Work instructions:
Exclude pictures and give again exactly the lines of the listing, beginning with its first line and ending with the one that contains "(hidden comment: GCM188R71C474KA55D)".

Start of Block

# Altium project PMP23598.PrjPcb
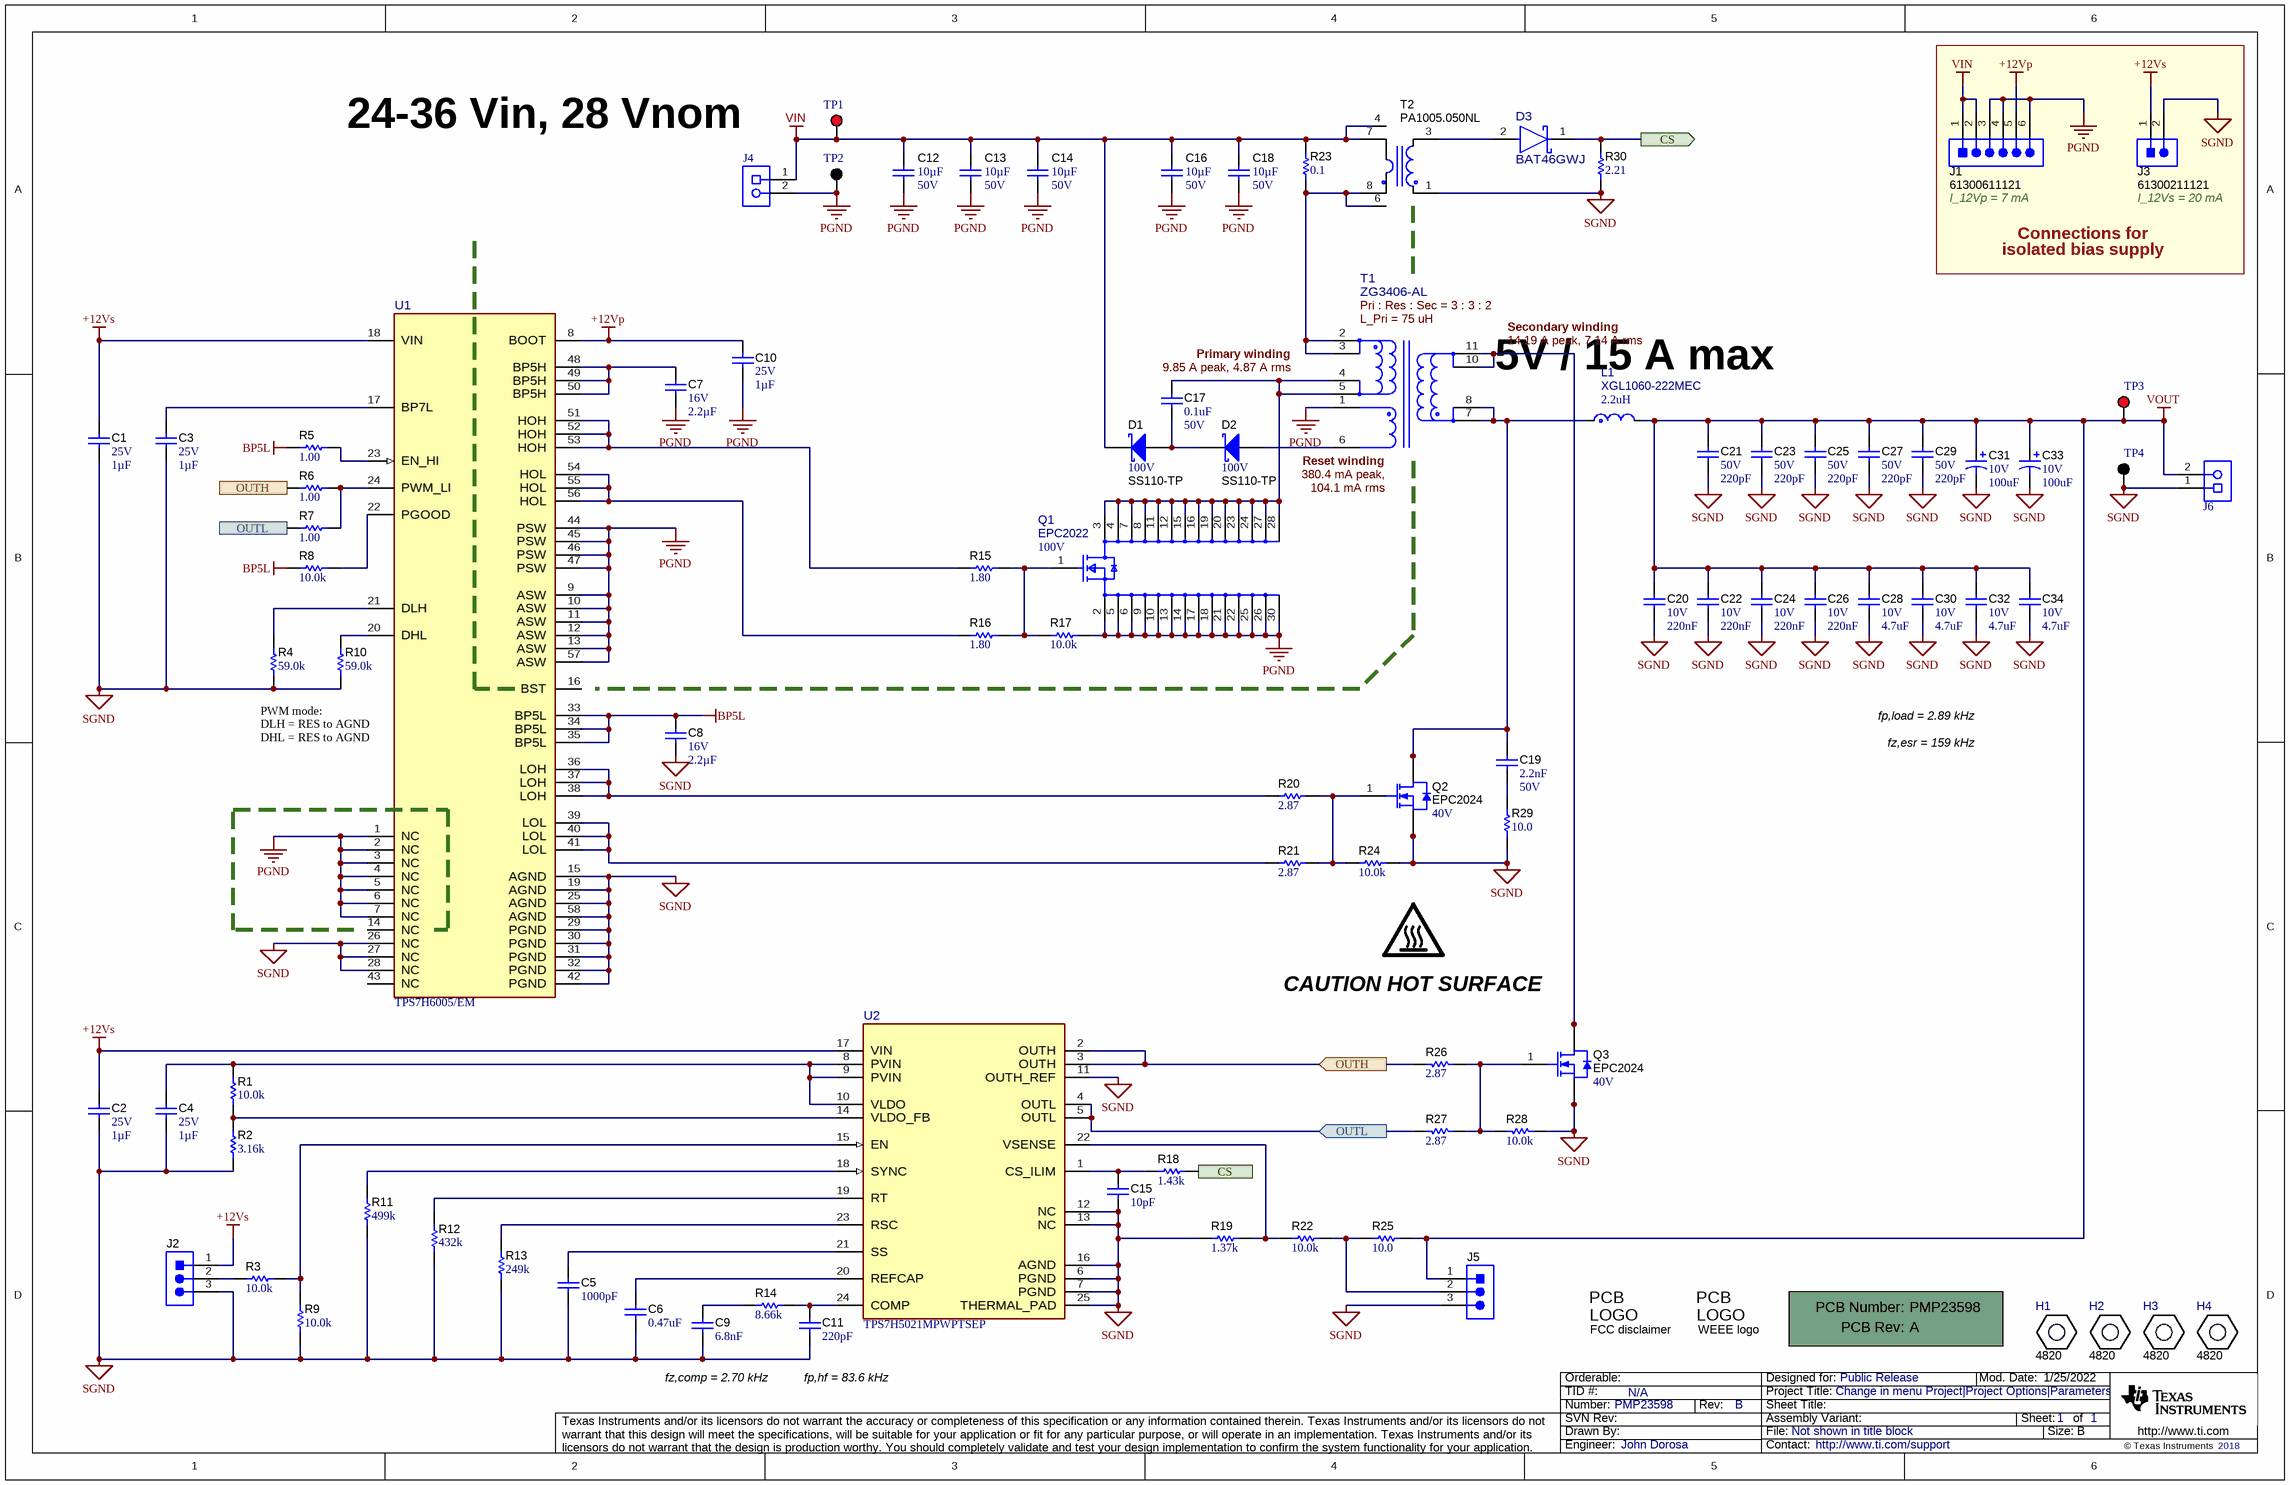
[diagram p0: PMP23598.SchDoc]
TID: N/A; TechSupport: http://www.ti.com/support; SCH_Rev: B; PRJ_Title: Change in menu Project|Project Options|Parameters; PRJ_Number: PMP23598; PRJ_Engineer: John Dorosa; PRJ_Customer: Public Release; PCB_Rev: A; PCB_Layout: John Dorosa; CopyrightYear: 2018
1 sheet, 93 parts. Net scope: flat (ports and power ports of the same name join across sheets).
Board file: PMP23598.PcbDoc

## Sheet PMP23598.SchDoc
size 431 x 279 mm; Date: Not shown in title block; ApprovedBy: Not shown in title block; CheckedBy: Not shown in title block; Author: Not shown in title block; CompanyName: Not shown in title block; Engineer: Not shown in title block; Organization: Not shown in title block; Address1: Not shown in title block; Address2: Not shown in title block; Address3: Not shown in title block; Address4: Not shown in title block; DocumentNumber: 1; Revision: Use project parameter SCH_Rev; SheetNumber: 1; SheetTotal: 1; PageSetup: Record=PageOptions¦CenterHorizontal=True¦CenterVertical=True¦PrintScale=1.00¦XCorrection=1.00¦YCorrection=1.00¦PrintKind=0¦BorderSize=5000000¦LeftOffset=0¦BottomOffset=0¦Orientation=2¦PaperLength=1000¦PaperWidth=1000¦Scale=100¦PaperSource=15¦PrintQuality=600¦MediaType=1¦DitherType=10¦PaperKind=Letter¦PrintScaleMode=1

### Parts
!PCB1  Printed Circuit Board  (value not drawn)  (mechanical)
C1  VDC_V: 25V  Cap_F: 1µF  [0603_HV]  (hidden comment: GRM188R71E105KA12D)
C2  VDC_V: 25V  Cap_F: 1µF  [0603_HV]  (hidden comment: GRM188R71E105KA12D)
C3  VDC_V: 25V  Cap_F: 1µF  [0603_HV]  (hidden comment: GRM188R71E105KA12D)
C4  VDC_V: 25V  Cap_F: 1µF  [0603_HV]  (hidden comment: GRM188R71E105KA12D)
C5  value 1000pF  [0603_HV]  (hidden comment: GRM188R71E102KA01D)
C6  value 0.47uF  [0603_HV]  (hidden comment: GCM188R71C474KA55D)
C7  VDC_V: 16V  Cap_F: 2.2µF  [0603_HV]  (hidden comment: GRM188Z71C225KE43)
C8  VDC_V: 16V  Cap_F: 2.2µF  [0603_HV]  (hidden comment: GRM188Z71C225KE43)
C9  Cap_F: 6.8nF  [0603_HV]  (hidden comment: GRM188R71E682KA01D)
C10  VDC_V: 25V  Cap_F: 1µF  [0603_HV]  (hidden comment: GRM188R71E105KA12D)
C11  Cap_F: 220pF  [0603_HV]  (hidden comment: GRM188R71H221KA01D)
C12  ValueDisplayed: 10µF  VDC_V: 50V  [1210_270]  (hidden comment: GCM32EL8EH106KA07L)
C13  ValueDisplayed: 10µF  VDC_V: 50V  [1210_270]  (hidden comment: GCM32EL8EH106KA07L)
C14  ValueDisplayed: 10µF  VDC_V: 50V  [1210_270]  (hidden comment: GCM32EL8EH106KA07L)
C15  ValueDisplayed: 10pF  [0603_HV]  (hidden comment: GCM1885C2A100JA16D)
C16  ValueDisplayed: 10µF  VDC_V: 50V  [1210_270]  (hidden comment: GCM32EL8EH106KA07L)
C17  value 0.1uF  VDC_V: 50V  [0805_HV]  (hidden comment: GRM21BR71H104KA01L)
C18  ValueDisplayed: 10µF  VDC_V: 50V  [1210_270]  (hidden comment: GCM32EL8EH106KA07L)
C19  Cap_F: 2.2nF  VDC_V: 50V  [0603_HV]  (hidden comment: GRM188R71H222KA01D)
C20  Value2: 10V  Cap_F: 220nF  [0805_HV]  (hidden comment: GRM216R71A224KC01D)
C21  VDC_V: 50V  ValueDisplayed: 220pF  [0402]  (hidden comment: GRM155R71H221KA01D)
C22  Value2: 10V  Cap_F: 220nF  [0805_HV]  (hidden comment: GRM216R71A224KC01D)
C23  VDC_V: 50V  ValueDisplayed: 220pF  [0402]  (hidden comment: GRM155R71H221KA01D)
C24  Value2: 10V  Cap_F: 220nF  [0805_HV]  (hidden comment: GRM216R71A224KC01D)
C25  VDC_V: 50V  ValueDisplayed: 220pF  [0402]  (hidden comment: GRM155R71H221KA01D)
C26  Value2: 10V  Cap_F: 220nF  [0805_HV]  (hidden comment: GRM216R71A224KC01D)
C27  VDC_V: 50V  ValueDisplayed: 220pF  [0402]  (hidden comment: GRM155R71H221KA01D)
C28  VDC_V: 10V  ValueDisplayed: 4.7uF  [1210]  (hidden comment: C1210C475K8RACTU)
C29  VDC_V: 50V  ValueDisplayed: 220pF  [0402]  (hidden comment: GRM155R71H221KA01D)
C30  VDC_V: 10V  ValueDisplayed: 4.7uF  [1210]  (hidden comment: C1210C475K8RACTU)
C31  VDC_V: 10V  ValueDisplayed: 100uF  [6032-15]  (hidden comment: T495U107K010ZTE150)
C32  VDC_V: 10V  ValueDisplayed: 4.7uF  [1210]  (hidden comment: C1210C475K8RACTU)
C33  VDC_V: 10V  ValueDisplayed: 100uF  [6032-15]  (hidden comment: T495U107K010ZTE150)
C34  VDC_V: 10V  ValueDisplayed: 4.7uF  [1210]  (hidden comment: C1210C475K8RACTU)
D1  SS110-TP  value 100V  [SMA]
D2  SS110-TP  value 100V  [SMA]
D3  BAT46GWJ  [FP-BAT46GWJ_SOD-123-MFG]
H1  4820  [KEYSTONE_4820]
H2  4820  [KEYSTONE_4820]
H3  4820  [KEYSTONE_4820]
H4  4820  [KEYSTONE_4820]
J1  61300611121  [WURTH_61300611121]
J2  61300311121  [WURTH_61300311121]  (value not drawn)
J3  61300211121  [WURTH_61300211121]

End of Block

Task response:
# Altium project PMP23598.PrjPcb
[diagram p0: PMP23598.SchDoc]
TID: N/A; TechSupport: http://www.ti.com/support; SCH_Rev: B; PRJ_Title: Change in menu Project|Project Options|Parameters; PRJ_Number: PMP23598; PRJ_Engineer: John Dorosa; PRJ_Customer: Public Release; PCB_Rev: A; PCB_Layout: John Dorosa; CopyrightYear: 2018
1 sheet, 93 parts. Net scope: flat (ports and power ports of the same name join across sheets).
Board file: PMP23598.PcbDoc

## Sheet PMP23598.SchDoc
size 431 x 279 mm; Date: Not shown in title block; ApprovedBy: Not shown in title block; CheckedBy: Not shown in title block; Author: Not shown in title block; CompanyName: Not shown in title block; Engineer: Not shown in title block; Organization: Not shown in title block; Address1: Not shown in title block; Address2: Not shown in title block; Address3: Not shown in title block; Address4: Not shown in title block; DocumentNumber: 1; Revision: Use project parameter SCH_Rev; SheetNumber: 1; SheetTotal: 1; PageSetup: Record=PageOptions¦CenterHorizontal=True¦CenterVertical=True¦PrintScale=1.00¦XCorrection=1.00¦YCorrection=1.00¦PrintKind=0¦BorderSize=5000000¦LeftOffset=0¦BottomOffset=0¦Orientation=2¦PaperLength=1000¦PaperWidth=1000¦Scale=100¦PaperSource=15¦PrintQuality=600¦MediaType=1¦DitherType=10¦PaperKind=Letter¦PrintScaleMode=1

### Parts
!PCB1  Printed Circuit Board  (value not drawn)  (mechanical)
C1  VDC_V: 25V  Cap_F: 1µF  [0603_HV]  (hidden comment: GRM188R71E105KA12D)
C2  VDC_V: 25V  Cap_F: 1µF  [0603_HV]  (hidden comment: GRM188R71E105KA12D)
C3  VDC_V: 25V  Cap_F: 1µF  [0603_HV]  (hidden comment: GRM188R71E105KA12D)
C4  VDC_V: 25V  Cap_F: 1µF  [0603_HV]  (hidden comment: GRM188R71E105KA12D)
C5  value 1000pF  [0603_HV]  (hidden comment: GRM188R71E102KA01D)
C6  value 0.47uF  [0603_HV]  (hidden comment: GCM188R71C474KA55D)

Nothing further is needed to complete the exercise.